The Body’s Natural Antioxidant Defenses
To detoxify ROS, the body uses a system of antioxidants, such as antioxidative enzymes, e.g. superoxide dismutase, catalase, glutathione peroxidase. This system consists of degradative yet and other enzymes such as proteases, peptidases, phospholipases, acyltransferases, endonucleases, exonucleases, polymerases, ligases, etc., to leave and replace irreversibly damaged macromolecules. Importantly, the systems are integrated, they work to continue the close interaction.
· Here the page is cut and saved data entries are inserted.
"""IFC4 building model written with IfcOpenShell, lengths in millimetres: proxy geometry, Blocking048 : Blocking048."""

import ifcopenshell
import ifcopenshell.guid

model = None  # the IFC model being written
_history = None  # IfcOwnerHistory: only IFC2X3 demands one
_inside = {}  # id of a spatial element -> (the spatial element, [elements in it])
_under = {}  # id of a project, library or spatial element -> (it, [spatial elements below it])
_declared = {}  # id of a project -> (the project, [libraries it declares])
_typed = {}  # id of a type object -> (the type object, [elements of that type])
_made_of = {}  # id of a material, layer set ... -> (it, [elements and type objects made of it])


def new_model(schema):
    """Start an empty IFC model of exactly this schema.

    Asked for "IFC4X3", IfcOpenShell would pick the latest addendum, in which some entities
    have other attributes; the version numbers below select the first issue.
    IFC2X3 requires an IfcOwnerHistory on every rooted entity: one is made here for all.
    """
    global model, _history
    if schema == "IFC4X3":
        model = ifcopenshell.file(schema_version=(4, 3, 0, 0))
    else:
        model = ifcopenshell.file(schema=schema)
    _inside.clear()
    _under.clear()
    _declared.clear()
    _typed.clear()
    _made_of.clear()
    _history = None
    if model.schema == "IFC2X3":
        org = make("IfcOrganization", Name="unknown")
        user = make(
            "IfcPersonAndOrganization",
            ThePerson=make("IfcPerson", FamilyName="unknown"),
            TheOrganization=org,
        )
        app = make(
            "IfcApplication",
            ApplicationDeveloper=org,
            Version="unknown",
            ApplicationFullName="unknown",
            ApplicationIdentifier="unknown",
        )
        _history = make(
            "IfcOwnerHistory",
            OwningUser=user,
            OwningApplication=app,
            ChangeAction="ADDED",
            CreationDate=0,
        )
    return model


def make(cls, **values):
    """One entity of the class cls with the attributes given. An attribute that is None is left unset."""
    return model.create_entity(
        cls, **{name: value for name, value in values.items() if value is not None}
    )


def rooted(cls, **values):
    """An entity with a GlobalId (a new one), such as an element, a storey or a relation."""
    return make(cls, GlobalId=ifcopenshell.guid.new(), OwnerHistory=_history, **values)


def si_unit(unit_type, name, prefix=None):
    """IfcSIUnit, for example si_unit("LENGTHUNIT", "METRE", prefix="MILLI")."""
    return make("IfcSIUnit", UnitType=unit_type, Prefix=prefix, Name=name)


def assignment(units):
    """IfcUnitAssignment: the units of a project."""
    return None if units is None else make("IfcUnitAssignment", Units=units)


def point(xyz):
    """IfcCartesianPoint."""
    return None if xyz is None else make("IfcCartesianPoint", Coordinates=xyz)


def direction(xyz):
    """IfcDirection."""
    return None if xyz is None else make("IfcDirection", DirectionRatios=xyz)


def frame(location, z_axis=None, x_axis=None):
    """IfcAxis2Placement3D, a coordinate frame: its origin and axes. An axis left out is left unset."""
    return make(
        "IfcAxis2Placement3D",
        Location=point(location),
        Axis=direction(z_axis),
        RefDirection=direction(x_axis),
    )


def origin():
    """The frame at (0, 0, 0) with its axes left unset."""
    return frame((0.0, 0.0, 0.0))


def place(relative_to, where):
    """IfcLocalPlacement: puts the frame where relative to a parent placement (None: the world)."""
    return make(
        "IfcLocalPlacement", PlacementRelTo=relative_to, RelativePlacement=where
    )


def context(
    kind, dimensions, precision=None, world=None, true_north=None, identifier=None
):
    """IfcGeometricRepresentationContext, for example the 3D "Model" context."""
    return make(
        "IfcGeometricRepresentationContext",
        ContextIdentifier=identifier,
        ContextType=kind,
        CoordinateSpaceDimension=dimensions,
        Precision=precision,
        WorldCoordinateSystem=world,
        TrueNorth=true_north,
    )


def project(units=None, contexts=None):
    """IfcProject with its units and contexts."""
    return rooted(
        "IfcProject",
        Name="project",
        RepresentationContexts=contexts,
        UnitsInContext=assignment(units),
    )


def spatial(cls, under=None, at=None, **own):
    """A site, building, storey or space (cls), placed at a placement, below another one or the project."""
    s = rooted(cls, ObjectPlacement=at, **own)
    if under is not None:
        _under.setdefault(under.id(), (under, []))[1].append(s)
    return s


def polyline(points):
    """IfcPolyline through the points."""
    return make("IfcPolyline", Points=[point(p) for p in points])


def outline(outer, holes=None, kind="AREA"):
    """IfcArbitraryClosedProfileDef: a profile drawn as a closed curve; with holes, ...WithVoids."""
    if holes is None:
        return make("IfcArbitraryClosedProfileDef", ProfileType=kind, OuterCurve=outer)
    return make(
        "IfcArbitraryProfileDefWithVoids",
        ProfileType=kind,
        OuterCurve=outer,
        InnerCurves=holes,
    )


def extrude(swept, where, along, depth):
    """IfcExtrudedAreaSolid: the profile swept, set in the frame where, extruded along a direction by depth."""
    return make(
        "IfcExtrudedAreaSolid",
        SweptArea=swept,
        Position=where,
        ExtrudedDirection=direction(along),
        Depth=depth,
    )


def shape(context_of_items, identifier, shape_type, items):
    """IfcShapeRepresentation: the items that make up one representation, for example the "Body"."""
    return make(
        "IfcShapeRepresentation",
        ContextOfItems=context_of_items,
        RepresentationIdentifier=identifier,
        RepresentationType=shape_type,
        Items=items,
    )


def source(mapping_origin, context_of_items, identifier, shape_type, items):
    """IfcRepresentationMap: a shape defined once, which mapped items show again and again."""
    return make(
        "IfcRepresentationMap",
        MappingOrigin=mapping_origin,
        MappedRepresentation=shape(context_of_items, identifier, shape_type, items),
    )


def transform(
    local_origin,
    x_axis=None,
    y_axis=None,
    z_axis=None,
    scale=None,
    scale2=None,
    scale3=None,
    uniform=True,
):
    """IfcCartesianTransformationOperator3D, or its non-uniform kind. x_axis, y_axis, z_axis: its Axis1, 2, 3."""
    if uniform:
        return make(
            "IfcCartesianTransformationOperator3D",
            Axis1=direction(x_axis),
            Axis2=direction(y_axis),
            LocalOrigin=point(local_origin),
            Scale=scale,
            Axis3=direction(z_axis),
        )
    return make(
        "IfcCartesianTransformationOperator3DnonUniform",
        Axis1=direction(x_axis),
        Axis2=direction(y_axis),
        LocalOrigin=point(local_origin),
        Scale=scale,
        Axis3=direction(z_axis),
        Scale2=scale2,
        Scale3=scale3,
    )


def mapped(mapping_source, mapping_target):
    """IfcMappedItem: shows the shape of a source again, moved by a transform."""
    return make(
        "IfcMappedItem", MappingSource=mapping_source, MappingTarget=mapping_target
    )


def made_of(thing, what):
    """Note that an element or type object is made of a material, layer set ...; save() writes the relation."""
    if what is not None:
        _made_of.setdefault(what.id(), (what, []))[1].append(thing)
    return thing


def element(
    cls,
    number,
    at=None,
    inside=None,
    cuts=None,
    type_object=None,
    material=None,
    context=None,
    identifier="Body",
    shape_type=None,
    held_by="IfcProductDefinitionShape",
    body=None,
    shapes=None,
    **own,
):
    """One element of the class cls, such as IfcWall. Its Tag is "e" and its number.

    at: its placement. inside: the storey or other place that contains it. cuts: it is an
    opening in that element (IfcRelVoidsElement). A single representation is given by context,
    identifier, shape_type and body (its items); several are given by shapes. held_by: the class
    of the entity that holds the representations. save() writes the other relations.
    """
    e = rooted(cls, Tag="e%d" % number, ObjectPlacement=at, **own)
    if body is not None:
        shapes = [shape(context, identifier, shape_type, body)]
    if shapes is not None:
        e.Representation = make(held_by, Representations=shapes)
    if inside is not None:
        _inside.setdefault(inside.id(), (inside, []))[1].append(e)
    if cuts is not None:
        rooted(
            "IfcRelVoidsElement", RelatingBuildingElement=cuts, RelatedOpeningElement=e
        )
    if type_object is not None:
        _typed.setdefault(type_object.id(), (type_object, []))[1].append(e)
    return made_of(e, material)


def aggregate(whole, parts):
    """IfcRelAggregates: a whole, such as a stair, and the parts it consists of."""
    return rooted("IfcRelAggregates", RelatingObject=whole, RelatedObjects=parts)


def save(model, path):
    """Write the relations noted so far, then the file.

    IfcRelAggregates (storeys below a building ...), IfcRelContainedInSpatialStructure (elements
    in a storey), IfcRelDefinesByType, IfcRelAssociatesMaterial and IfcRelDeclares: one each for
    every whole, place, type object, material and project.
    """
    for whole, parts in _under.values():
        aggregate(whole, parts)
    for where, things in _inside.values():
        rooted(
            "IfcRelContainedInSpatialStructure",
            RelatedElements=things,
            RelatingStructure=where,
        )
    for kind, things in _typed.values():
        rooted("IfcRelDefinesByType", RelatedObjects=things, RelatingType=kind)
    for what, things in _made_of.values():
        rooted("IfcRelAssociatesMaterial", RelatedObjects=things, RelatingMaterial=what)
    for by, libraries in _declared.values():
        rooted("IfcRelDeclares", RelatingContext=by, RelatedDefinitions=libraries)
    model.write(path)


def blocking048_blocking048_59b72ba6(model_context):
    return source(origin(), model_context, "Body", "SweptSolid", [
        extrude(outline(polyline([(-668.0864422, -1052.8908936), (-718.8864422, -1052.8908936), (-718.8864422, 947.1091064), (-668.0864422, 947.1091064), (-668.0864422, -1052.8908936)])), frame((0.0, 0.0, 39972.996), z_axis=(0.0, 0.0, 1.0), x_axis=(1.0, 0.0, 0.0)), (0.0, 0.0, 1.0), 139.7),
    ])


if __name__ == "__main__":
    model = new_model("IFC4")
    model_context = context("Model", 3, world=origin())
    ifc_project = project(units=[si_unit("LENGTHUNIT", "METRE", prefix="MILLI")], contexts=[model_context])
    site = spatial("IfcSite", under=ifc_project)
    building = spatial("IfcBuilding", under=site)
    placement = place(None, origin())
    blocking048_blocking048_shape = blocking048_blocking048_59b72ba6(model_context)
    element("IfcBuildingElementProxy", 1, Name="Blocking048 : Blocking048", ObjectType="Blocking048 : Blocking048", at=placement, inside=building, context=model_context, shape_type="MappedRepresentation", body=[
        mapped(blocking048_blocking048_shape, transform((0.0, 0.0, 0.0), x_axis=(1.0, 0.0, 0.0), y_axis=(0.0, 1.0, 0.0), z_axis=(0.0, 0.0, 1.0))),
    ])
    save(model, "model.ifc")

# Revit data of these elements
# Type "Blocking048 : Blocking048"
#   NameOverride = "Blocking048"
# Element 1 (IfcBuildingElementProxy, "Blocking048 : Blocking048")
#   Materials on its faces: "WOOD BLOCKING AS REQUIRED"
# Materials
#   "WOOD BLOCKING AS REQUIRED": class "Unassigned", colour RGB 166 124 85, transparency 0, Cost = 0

Superoxide Dismutase (SOD) catalyzes the reduction of superoxide into hydrogen peroxide and water. In mammals, there are three isoforms that function in distinct cellular compartments. SOD1 is found in the cytosol and mitochondrial intermembrane. SOD2 is located in the mitochondrial matrix; and SOD3 functions in the extracellular space.
Glutathione Peroxidase (Gpx) transforms peroxides, especially lipid hydroperoxides, into water and alcohol. Specialized GPx forms function in distinct cellular compartments in specific tissue types. Analysis of the selenoproteome identified five glutathione peroxidases (GPxs) in mammals: cytosolic GPx (cGPx, GPx1), phospholipid hydroperoxide GPx (PHGPX, GPx4), plasma GPx (pGPX, GPx3), gastrointestinal GPx (GI-GPx, GPx2) and, in humans, GPx6, which is restricted to the olfactory system. GPxs reduce hydroperoxides to the corresponding alcohols by means of glutathione (GSH). They have long been considered to only act as antioxidant enzymes. Increasing evidence, however, suggests that nature has not created redundant GPxs just to detoxify hydroperoxides. In conclusion, cGPx, PGPX, and GI-GPx have distinct roles, particularly in cellular defense mechanisms.
Catalase (CAT) uses iron to reduce peroxides. Hundreds of different forms are widely distributed in animal, plant, and fungi tissues. Some contain manganese, and some are bifunctional catalase-peroxidases.
In addition to these principal antioxidant enzymes, the secondary antioxidant enzymes, thioredoxin, glutaredoxin, and peroxiredoxin systems also aid in the control, and selective removal, of ROS. The body is able to increase or decrease their activity in target locations, as needed, to maintain ideal redox homeostasis. Antioxidant enzymes cannot be taken orally; it would not be advisable to do so, even if possible.